There is much to know about fishing before it can be considered a reliable food source for you. What you use, when you use it, how you use it and where you use it will determine what you catch or not catch. Fishing is very species specific. There are as many methods of catching fish as there are species of fish. Most survival fishing kits I have seen would only be used to catch Lake Trout here. Bear in mind that my experience is limited to the waters of Alaska and may not even be legal in most places and may only be useful in a survival situation. Because of the required knowledge I suggest nets for most survivalists but even use of nets require knowledge. For example gill nets are often mentioned but seldom is it mentioned that they to are to catch a specific size fish determined buy mesh size that allows fish to swim into it but not be able to back out because their gills get caught. Small fish swim though and bigger fish just bump into it. Laws regulate all this stuff but for survival learn to think out of the box. Single strand monofilament nets are illegal here because they are invisible under water but for survival…. I have tried to look at this from the standpoint of how someone with limited knowledge could catch fish successful enough to feed themselves and one method stands out as being most simple and universal that is dip netting. I know how to knit nets so I just carry net needle and string to be able to knit what ever I need but a person could easily carry a net in a pack pocket and make a frame for it from branches.

These are 3 of my dip nets. The one on the far left is just the largest landing net I could find with an aluminum handle I added to reach out into river. The middle one is 4’ in diameter that I use from a boat but have since given it away because I found my little boat could push a bigger net which brings us to the one on the right that is biggest allowed by law and 5’ in diameter. The handle is in three sections and had to take one section out just for it to fit in picture. I walk out as far as I can in chest waders and it will reach 30’ past that or I can break it down to work of my boat at shallow depths.

Guests can not see images in the messages. Please register in the forum.

I’m not a sportsman and have to have my fishing activities pay for itself. I am not willing to spend thousands of dollar to catch a fish. I have a small Zodiac and capable of setting it up for long line, pots and other forms of fishing but have it configured for dip netting in this photo. The legal limit is 25 fish per head of household and 10 additional fish for each additional member. That’s about the size of the plastic tub I have.

Guests can not see images in the messages. Please register in the forum.

Larger boats tie dip nets from the side with ropes but with my little boat I would just spin in circles so I stand in the bow a scoop fish out and just turn to dump in plastic tote. My wife steers the boat and cuts the tails off fish to mark them. That’s a legal requirement.
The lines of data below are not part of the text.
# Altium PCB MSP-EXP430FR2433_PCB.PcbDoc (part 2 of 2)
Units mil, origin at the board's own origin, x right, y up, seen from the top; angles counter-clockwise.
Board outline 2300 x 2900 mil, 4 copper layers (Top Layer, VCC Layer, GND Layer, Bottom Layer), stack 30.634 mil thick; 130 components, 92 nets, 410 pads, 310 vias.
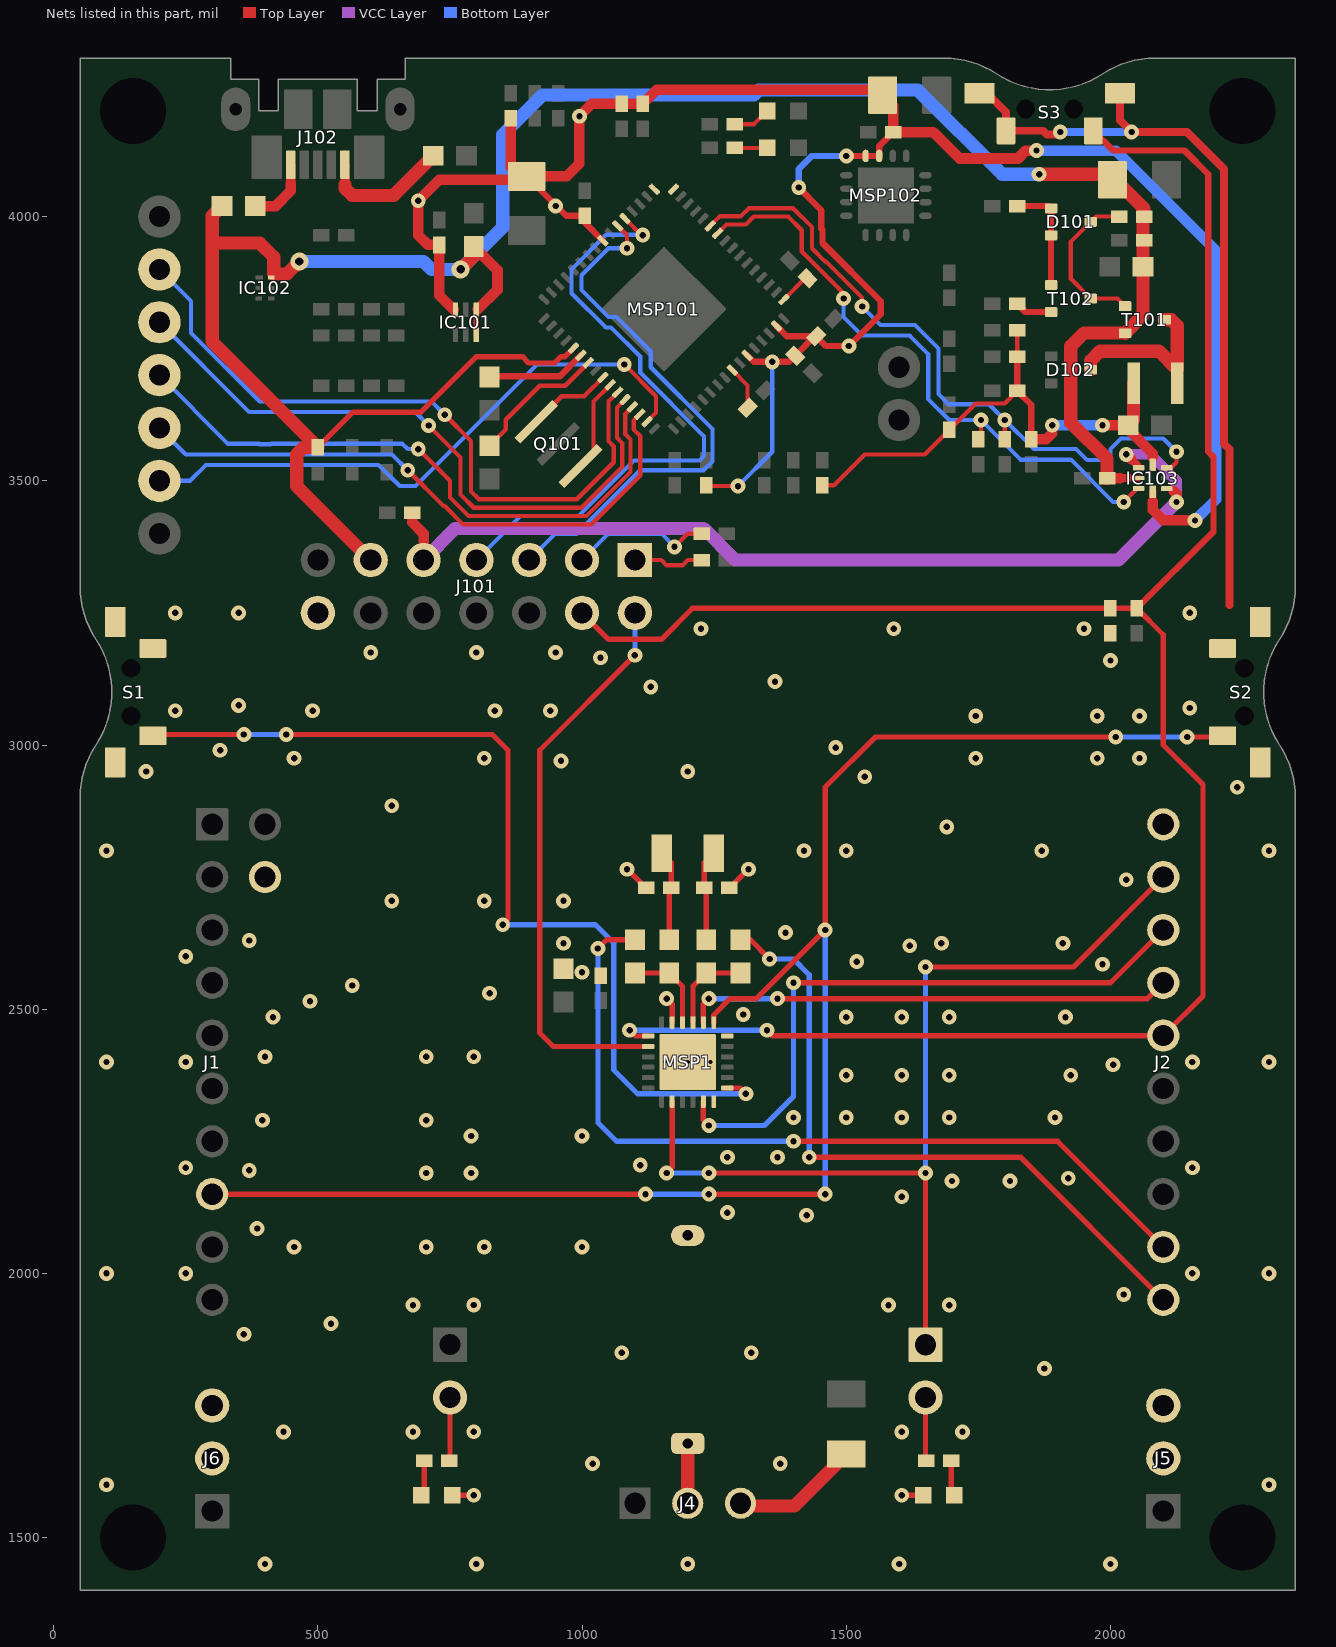
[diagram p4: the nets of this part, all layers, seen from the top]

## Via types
v1: diameter 28, hole 12, Top Layer to Bottom Layer, 304 vias
v2: diameter 19.68, hole 7.87, Top Layer to Bottom Layer, 3 vias
v3: diameter 34, hole 16, Top Layer to Bottom Layer, 2 vias
v4: diameter 32, hole 16, Top Layer to Bottom Layer, 1 vias

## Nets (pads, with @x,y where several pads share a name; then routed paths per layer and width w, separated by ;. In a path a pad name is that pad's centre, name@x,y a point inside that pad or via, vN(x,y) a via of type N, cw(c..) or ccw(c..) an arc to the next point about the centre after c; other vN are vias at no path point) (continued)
EZFET_TCK: MSP101.63 TP106.1 | length 1144.1
  Top Layer w8: v1(1080,3720) 1140,3660 1140,3629 MSP101.63@1123.01,3612.01
  Bottom Layer w8: TP106.1@200,3500 258,3500 288,3530 615,3530 655,3490 685,3490 915,3720 v1(1080,3720)
EZFET_TDI: MSP101.61 TP104.1 | length 1189
  Top Layer w8: v1(690,3560) 750,3500 750,3468.25 785,3433.25 1008.25,3433.25 1091.75,3516.75 1091.75,3578.25 1081.75,3588.25 1081.75,3626.44 MSP101.61@1095.16,3639.86
  Bottom Layer w8: TP104.1@200,3700 330,3570 388.41,3570 389.28,3569.13 410.72,3569.13 411.59,3570 660,3570 670,3560 v1(690,3560)
EZFET_TDO: MSP101.60 TP103.1 | length 1232.5
  Top Layer w8: v1(709.63,3604.63) 770,3544.27 770,3474.13 795,3449.13 999.13,3449.13 1075.87,3525.87 1075.87,3571.58 1065.87,3581.58 1065.87,3638.41 MSP101.60@1081.24,3653.78
  Bottom Layer w8: TP103.1@200,3800 370,3630 684.27,3630 v1(709.63,3604.63)
EZFET_TEST: MSP101.59 TP102.1 | length 1304
  Top Layer w8: v1(740,3625) 790,3575 790,3480 805,3465 990,3465 1060,3535 1060,3565 1050,3575 1050,3650.39 MSP101.59@1067.32,3667.7
  Bottom Layer w8: TP102.1@200,3900 260,3840 260,3780 390,3650 715,3650 v1(740,3625)
EZFET_TMS: MSP101.62 TP105.1 | length 1149.8
  Top Layer w8: v1(670,3520) 737.62,3452.38 740,3452.38 775,3417.38 1017.38,3417.38 1110,3510 1110,3585 1097.62,3597.38 1097.62,3614.47 MSP101.62@1109.09,3625.93
  Bottom Layer w8: TP105.1@200,3600 250,3550 640,3550 v1(670,3520)
EZFET_UARTCTS: MSP101.32
EZFET_UARTRTS: MSP101.33
EZFET_UARTRXD: J101.5 MSP101.38 | length 1044.5
  Top Layer w8: MSP101.38@1067.31,3982.29 1085,3964.6 v1(1085,3940)
  Bottom Layer w8: J101.5@900,3350 950,3400 990,3400 1110,3520 1230,3520 1246.81,3536.81 1246.81,3598.19 1130,3715 1130,3745 1065,3810 1050,3810 999.13,3860.87 999.13,3889.13 1050,3940 v1(1085,3940)
EZFET_UARTTXD: J101.7 MSP101.37 | length 1191.5
  Top Layer w8: MSP101.37@1081.23,3996.21 v1@1113.72,3963.72 ; v1(1115,3965) v1@1113.72,3963.72 ; v1@1113.72,3963.72 1112.44,3962.44 1115,3962.44 v1@1113.72,3963.72
  Bottom Layer w8: J101.7@800,3350 883.25,3433.25 993.25,3433.25 1098.62,3538.62 1221.97,3538.62 1230.87,3547.53 1230.87,3584.13 1110,3705 1110,3735 1055,3790 1045,3790 980,3855 980,3900 1045.87,3965.87 1114.13,3965.87 v1(1115,3965)
EZFET_V18: C102.2 MSP101.55 | length 262.5
  Top Layer w8: C102.2@825,3566.5 855.57,3597.07 855.57,3615.57 920,3680 968.23,3680 MSP101.55@1011.62,3723.39
EZFET_VBUS: C108.2 C109.1 C117.2 C118.2 C125.2 IC101.1 IC101.6 IC102.6 IC103.2 J101.11 L103.2 MSP101.53 R120.2 R124.1 T101.2 | length 4538.1
  Top Layer w10: R124.1@500,3563.62 566.38,3630 695,3630 800,3735 886.99,3735 898.87,3723.13 948.13,3723.13 960,3735 967.54,3735 MSP101.53@983.78,3751.24 ; IC101.6@799.68,3776.38 IC101.1@799.68,3824.41 ; 2035,3505 IC103.2@2053.43,3505
  Top Layer w15: 2018,3505 2035,3505
  Top Layer w20: C108.2@795,3943.5 840,3898.5 840,3861.61 IC101.1@802.8,3824.41 ; C125.2@1993.62,3505 2018,3505
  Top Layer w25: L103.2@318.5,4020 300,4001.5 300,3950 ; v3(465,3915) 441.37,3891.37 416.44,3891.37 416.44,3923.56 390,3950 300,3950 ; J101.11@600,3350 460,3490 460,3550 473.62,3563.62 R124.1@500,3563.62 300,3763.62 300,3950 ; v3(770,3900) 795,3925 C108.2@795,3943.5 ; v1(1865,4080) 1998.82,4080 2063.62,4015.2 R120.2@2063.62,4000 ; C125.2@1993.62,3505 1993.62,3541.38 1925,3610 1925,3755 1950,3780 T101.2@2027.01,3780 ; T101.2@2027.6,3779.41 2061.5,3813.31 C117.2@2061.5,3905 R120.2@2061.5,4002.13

Guests can not see images in the messages. Please register in the forum.

As I stated I’m not a sportsman and my enjoyment of fishing comes from eating it but when you have a connection to where your food comes from the whole experience becomes part of it and is part of the anticipation. Each step is similar to cooking except taken one step further to include picking which fish you keep (another good thing about nets) to how to care for your catch. It’s a eating experience for me and I even bring King Salmon sandwiches on homemade bread for the appetizer.

Guests can not see images in the messages. Please register in the forum.

Heading out, weaving between commercial fishing boats with a cool breeze blowing off the water sure beats the hell out of going to a drive through and super sizing your fries.

Guests can not see images in the messages. Please register in the forum.

----------


## Sourdough

Very nice........We subsistence dip net just below the falls on the Russian River.

----------


## crashdive123

Nice post, explanation and pictures.  Thanks AS.

----------


## Pal334

Thanks for sharing that. Gives some clarity to those like me who have only read about it

----------


## Rick

Thank you. That's great info. I have never dip netted and never saw it done when I was up there. 

Most of the area around here is ponds and rivers. Weirs make a really nice survival method but, of course, it's illegal to game fish that way. Most of the rivers in the Midwest and rock strewn (not all but most) so using rocks to build a weir in the shallows can be pretty quick work. Bank lines and trot lines where weirs can't be built; lakes for example. 

I did see quite a few functioning Fish Wheels up there, which I thought was not only pretty danged ingenious but pretty efficient. I think those are restricted to indigenous folks? 

Thanks. Good stuff and something else to think about.

----------


## COWBOYSURVIVAL

I am that fisherman you speak of and also a survivalist...I can see where dipnetting may be something I wanna try even way down south! Great post! Not sure about the inflatable boat with a motor though...on second thought I have never had one! Neat boat!

----------


## Rick

Do you know how many fish a wheel takes in a day on average? They really are a cool setup.

----------


## Winnie

You know AS, after reading some of your posts, I've come to the conclusion I was either born in the wrong country or a hundred years too late.

----------


## Old GI

The mullet killers along the gulf coast use throw nets quite effectively.  At least, they used to.

----------


## Sourdough

> Putting up large amounts of food for later use is my way of wilderness survival. This is what it is like when you live it or plan on surviving the wilderness for more than a week.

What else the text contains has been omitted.